Menurut narasi yang menyertai foto tersebut, soal itu berasal dari ujian sekolah mata pelajaran IPA kelas 6 di salah satu SD Swasta di Baros, Cimahi, Jawa Barat yang dilakukan secara daring Rabu, 5 Mei 2021 lalu.

Direktur Jenderal Pendidikan Anak Usia Dini, Pendidikan Dasar, dan Pendidikan Menengah, Kemendikbud Ristek Jumeri menyampaikan guru yang membuat soal tersebut mengakui kekeliruannya dan telah meminta maaf.

Kekeliruan tersebut menurut Jumeri tidak disengaja. "Itu tidak sengaja, dibuat guru, yang bersangkutan sudah minta maaf," ujar Jumeri saat dikonfirmasi detikEdu, Kamis (6/5/2021).

Jumeri pun menambahkan tindakan selanjutnya atas kesalahan guru tersebut merupakan kewenangan Dinas Pendidikan di daerah sesuai dengan Undang-Undang Nomor 23 tahun 2014 tentang Pemerintah Daerah.

Untuk diketahui, sejak 2020 lalu pembuatan soal maupun penyelenggaraan Ujian Sekolah Berstandar Nasional diserahkan sepenuhnya kepada sekolah. Sebelumnya, 75 persen soal USBN dibuat oleh Dinas Pendidikan Provinsi, sedangkan 25 persen dibuat BNSP.

Teori Bumi datar memang tak pernah sepi dari perbincangan. Seperti dikutip dari CNN Indonesia pendukung teori Bumi datar yang paling terkenal adalah penulis asal Inggris Samuel Rowbotham.

Rowbotham menyatakan Bumi adalah cakram datar tak bergerak, berpusat di Kutub Utara, dengan Antartika adalah dinding es di batas luar cakram.

Psikolog dari Texas Tech University, Asheley Landrum menilai kaum Bumi datar bukanlah orang yang tidak percaya pada sains. Meskipun ada indikasi bahwa mereka yang rentan terhadap pandangan semacam itu memiliki tingkat melek ilmiah yang rendah.

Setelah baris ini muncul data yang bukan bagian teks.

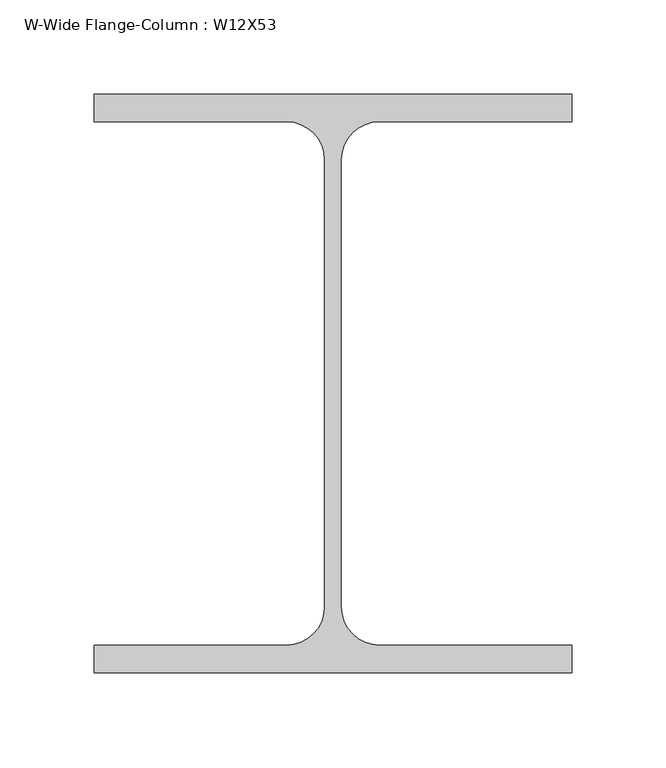
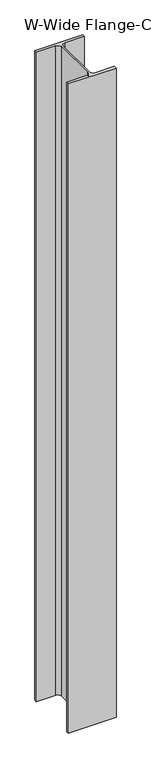
"""IFC4 building model written with IfcOpenShell, lengths in millimetres: column geometry, W-Wide Flange-Column : W12X53."""

from ifc_helpers import new_model, si_unit, point, frame, frame_2d, origin, place, context, project, spatial, polyline, circle_curve, trimmed, segment, composite_curve, outline, extrude, source, transform, mapped, element, save


def w_wide_flange_column_w12x53_6c22db8c(model_context):
    return source(origin(), model_context, "Body", "SweptSolid", [
        extrude(outline(composite_curve([segment(polyline([(127.0, 153.67), (127.0, 139.065), (24.7015, 139.065)]), True, "CONTINUOUS"), segment(trimmed(circle_curve(frame_2d((24.7015, 118.745)), 20.32), [point((24.7015, 139.065))], [point((4.3815, 118.745))], True, "CARTESIAN"), True, "CONTINUOUS"), segment(polyline([(4.3815, 118.745), (4.3815, -118.745)]), True, "CONTINUOUS"), segment(trimmed(circle_curve(frame_2d((24.7015, -118.745)), 20.32), [point((4.3815, -118.745))], [point((24.7015, -139.065))], True, "CARTESIAN"), True, "CONTINUOUS"), segment(polyline([(24.7015, -139.065), (127.0, -139.065), (127.0, -153.67), (-127.0, -153.67), (-127.0, -139.065), (-24.7015, -139.065)]), True, "CONTINUOUS"), segment(trimmed(circle_curve(frame_2d((-24.7015, -118.745)), 20.32), [point((-24.7015, -139.065))], [point((-4.3815, -118.745))], True, "CARTESIAN"), True, "CONTINUOUS"), segment(polyline([(-4.3815, -118.745), (-4.3815, 118.745)]), True, "CONTINUOUS"), segment(trimmed(circle_curve(frame_2d((-24.7015, 118.745)), 20.32), [point((-4.3815, 118.745))], [point((-24.7015, 139.065))], True, "CARTESIAN"), True, "CONTINUOUS"), segment(polyline([(-24.7015, 139.065), (-127.0, 139.065), (-127.0, 153.67), (127.0, 153.67)]), True, "CONTINUOUS")], self_intersect=False)), frame((0.0, 0.0, 8756.65), z_axis=(0.0, 0.0, 1.0), x_axis=(1.0, 0.0, 0.0)), (0.0, 0.0, 1.0), 3651.25),
    ])


if __name__ == "__main__":
    model = new_model("IFC4")
    model_context = context("Model", 3, world=origin())
    ifc_project = project(units=[si_unit("LENGTHUNIT", "METRE", prefix="MILLI")], contexts=[model_context])
    site = spatial("IfcSite", under=ifc_project)
    building = spatial("IfcBuilding", under=site)
    placement = place(None, origin())
    w_wide_flange_column_w12x53_shape = w_wide_flange_column_w12x53_6c22db8c(model_context)
    element("IfcColumn", 1, ObjectType="W-Wide Flange-Column : W12X53", at=placement, inside=building, context=model_context, shape_type="MappedRepresentation", body=[
        mapped(w_wide_flange_column_w12x53_shape, transform((0.0, 0.0, 0.0), x_axis=(1.0, 0.0, 0.0), y_axis=(0.0, 1.0, 0.0), z_axis=(0.0, 0.0, 1.0))),
    ])
    save(model, "model.ifc")

# Revit data of these elements
# Type "W-Wide Flange-Column : W12X53"
#   Assembly Code = "B10"
#   W = 53
#   bf = 0' - 10"
#   d = 1' - 0.1"
#   k = 0' - 1 3/8"
#   kr = 0' - 0.8"
#   tf = 0' - 0.575"
#   tw = 0' - 0.345"
#   A = 0.108333 SF
#   Structural Material [instance default] = Steel ASTM A992
# Element 1 (IfcColumn, "W-Wide Flange-Column : W12X53")
#   Materials on its faces: "Steel ASTM A992"
# Materials
#   "Steel ASTM A992": class "Metal", colour RGB 199 199 199, transparency 0, Description = "Structural steel 50ksi", Cost = 0
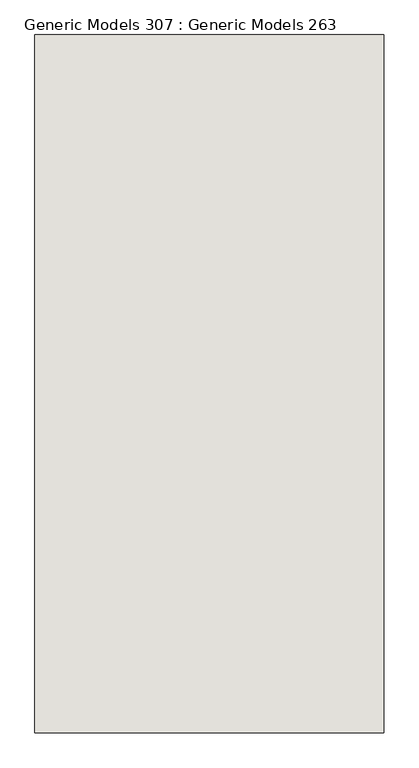
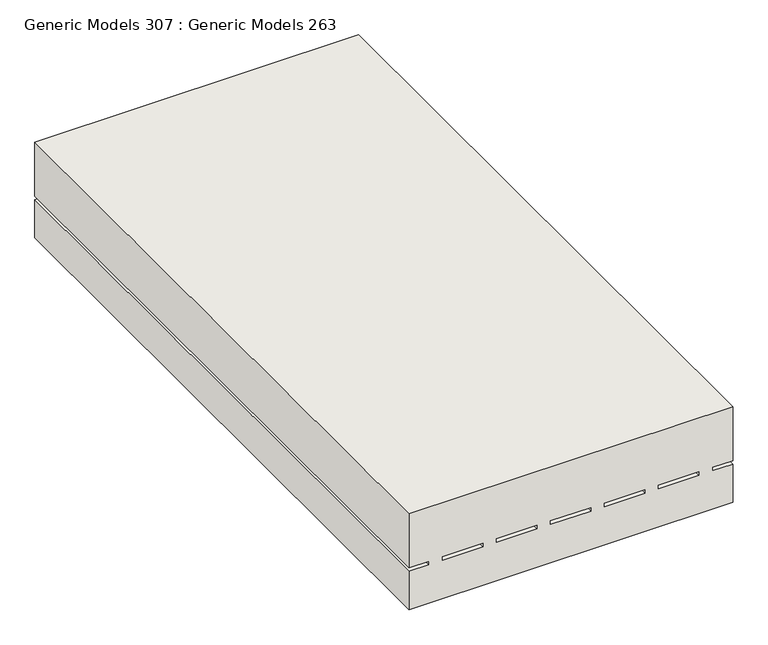
"""IFC4 building model written with IfcOpenShell, lengths in millimetres: wall geometry, Generic Models 307 : Generic Models 263."""

from ifc_helpers import new_model, si_unit, frame, origin, place, context, project, spatial, polyline, outline, extrude, source, transform, mapped, element, save


def generic_models_307_generic_models_263_524330a5(model_context):
    return source(origin(), model_context, "Body", "SweptSolid", [
        extrude(outline(polyline([(0.0, 95516.9797726), (0.0, 94907.3797726), (-107.2982847, 94907.3797726), (-107.2982847, 94945.4797726), (-114.3, 94945.4797726), (-114.3, 94907.3797726), (-190.5, 94907.3797726), (-190.5, 95516.9797726), (-114.3, 95516.9797726), (-114.3, 95478.8797726), (-107.2982847, 95478.8797726), (-107.2982847, 95516.9797726), (0.0, 95516.9797726)]), holes=[polyline([(-107.2982847, 94970.8797726), (-107.2982847, 95047.0797726), (-114.3, 95047.0797726), (-114.3, 94970.8797726), (-107.2982847, 94970.8797726)]), polyline([(-107.2982847, 95072.4797726), (-107.2982847, 95148.6797726), (-114.3, 95148.6797726), (-114.3, 95072.4797726), (-107.2982847, 95072.4797726)]), polyline([(-107.2982847, 95174.0797726), (-107.2982847, 95250.2797726), (-114.3, 95250.2797726), (-114.3, 95174.0797726), (-107.2982847, 95174.0797726)]), polyline([(-107.2982847, 95275.6797726), (-107.2982847, 95351.8797726), (-114.3, 95351.8797726), (-114.3, 95275.6797726), (-107.2982847, 95275.6797726)]), polyline([(-107.2982847, 95377.2797726), (-107.2982847, 95453.4797726), (-114.3, 95453.4797726), (-114.3, 95377.2797726), (-107.2982847, 95377.2797726)])]), frame((0.0, -94.4486541, 0.0), z_axis=(0.0, 1.0, 0.0), x_axis=(0.0, 0.0, 1.0)), (0.0, 0.0, 1.0), 1219.2),
    ])


if __name__ == "__main__":
    model = new_model("IFC4")
    model_context = context("Model", 3, world=origin())
    ifc_project = project(units=[si_unit("LENGTHUNIT", "METRE", prefix="MILLI")], contexts=[model_context])
    site = spatial("IfcSite", under=ifc_project)
    building = spatial("IfcBuilding", under=site)
    placement = place(None, origin())
    generic_models_307_generic_models_263_shape = generic_models_307_generic_models_263_524330a5(model_context)
    element("IfcWall", 1, ObjectType="Generic Models 307 : Generic Models 263", at=placement, inside=building, context=model_context, shape_type="MappedRepresentation", body=[
        mapped(generic_models_307_generic_models_263_shape, transform((0.0, 0.0, 0.0), x_axis=(1.0, 0.0, 0.0), y_axis=(0.0, 1.0, 0.0), z_axis=(0.0, 0.0, 1.0))),
    ])
    save(model, "model.ifc")

# Revit data of these elements
# Element 1 (IfcWall, "Generic Models 307 : Generic Models 263")
#   Materials on its faces: "CONCRETE PAVEMENT HEAVY DUTY"
# Materials
#   "CONCRETE PAVEMENT HEAVY DUTY": class "Concrete", colour RGB 191 191 191, transparency 0, Description = "Cast-in-place concrete", Cost = 0
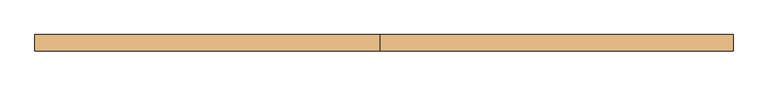
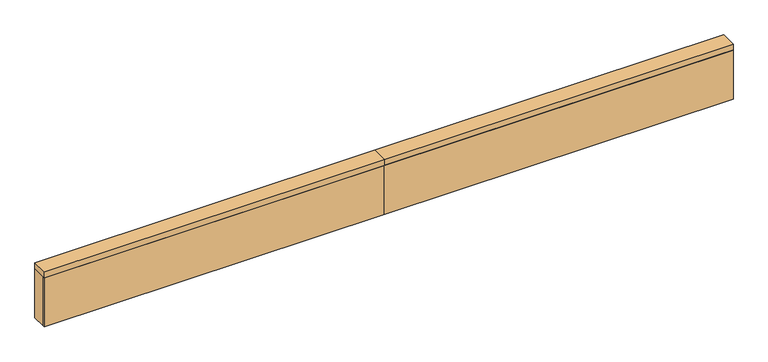
"""IFC4 building model written with IfcOpenShell, lengths in millimetres: door geometry, Schiebetür."""

from ifc_helpers import new_model, si_unit, frame, origin, origin_with_axes, place, context, project, spatial, polyline, outline, extrude, source, transform, mapped, element, save


def door_258b69c4(model_context):
    return source(origin(), model_context, "Body", "SweptSolid", [
        extrude(outline(polyline([(1704.4507425, 6.8571429), (1704.4507425, 0.0), (841.4507425, 0.0), (841.4507425, 6.8571429), (1704.4507425, 6.8571429)])), origin_with_axes(), (0.0, 0.0, 1.0), 128.9099526),
        extrude(outline(polyline([(0.0, 0.0), (0.0, 40.0), (841.4507425, 40.0), (841.4507425, 0.0), (0.0, 0.0)])), frame((0.0, 0.0, 128.9099526), z_axis=(0.0, 0.0, 1.0), x_axis=(1.0, 0.0, 0.0)), (0.0, 0.0, 1.0), 15.4691943),
        extrude(outline(polyline([(12.0, 30.8571429), (12.0, 40.0), (841.4507425, 40.0), (841.4507425, 30.8571429), (12.0, 30.8571429)])), frame((0.0, 0.0, 86.3696682), z_axis=(0.0, 0.0, 1.0), x_axis=(1.0, 0.0, 0.0)), (0.0, 0.0, 1.0), 42.5402844),
        extrude(outline(polyline([(1704.4507425, 40.0), (1704.4507425, 30.8571429), (841.4507425, 30.8571429), (841.4507425, 40.0), (1704.4507425, 40.0)])), frame((0.0, 0.0, 86.3696682), z_axis=(0.0, 0.0, 1.0), x_axis=(1.0, 0.0, 0.0)), (0.0, 0.0, 1.0), 42.5402844),
        extrude(outline(polyline([(1704.4507425, 40.0), (1704.4507425, 0.0), (841.4507425, 0.0), (841.4507425, 40.0), (1704.4507425, 40.0)])), frame((0.0, 0.0, 128.9099526), z_axis=(0.0, 0.0, 1.0), x_axis=(1.0, 0.0, 0.0)), (0.0, 0.0, 1.0), 15.4691943),
        extrude(outline(polyline([(12.0, 6.8571429), (0.0, 6.8571429), (0.0, 40.0), (12.0, 40.0), (12.0, 6.8571429)])), origin_with_axes(), (0.0, 0.0, 1.0), 128.9099526),
        extrude(outline(polyline([(0.0, 0.0), (0.0, 6.8571429), (841.4507425, 6.8571429), (841.4507425, 0.0), (0.0, 0.0)])), origin_with_axes(), (0.0, 0.0, 1.0), 128.9099526),
    ])


if __name__ == "__main__":
    model = new_model("IFC4")
    model_context = context("Model", 3, world=origin())
    ifc_project = project(units=[si_unit("LENGTHUNIT", "METRE", prefix="MILLI")], contexts=[model_context])
    site = spatial("IfcSite", under=ifc_project)
    building = spatial("IfcBuilding", under=site)
    placement = place(None, origin())
    door_shape = door_258b69c4(model_context)
    element("IfcDoor", 1, ObjectType="Schiebetür", at=placement, inside=building, context=model_context, shape_type="MappedRepresentation", body=[
        mapped(door_shape, transform((0.0, 0.0, 0.0), x_axis=(1.0, 0.0, 0.0), y_axis=(0.0, 1.0, 0.0), z_axis=(0.0, 0.0, 1.0))),
    ])
    save(model, "model.ifc")

# Revit data of these elements
# Type "Schiebetür"
#   Type Mark = "50"
# Element 1 (IfcDoor, "Schiebetür")
#   Materials on its faces: "tuer_holzzarge"
# Materials
#   "tuer_holzzarge": class "Unassigned", colour RGB 255 255 255, transparency 0

"Ini bukan masalah pendidikan. Ini benar-benar tentang ketidakpercayaan pada otoritas dan institusi," ujar Landrum.

"Ini tampaknya didasarkan pada mentalitas konspirasi dan keyakinan yang dipegang teguh, yang terlihat sangat mirip dengan religiusitas tetapi tidak harus secara khusus terkait dengan suatu agama."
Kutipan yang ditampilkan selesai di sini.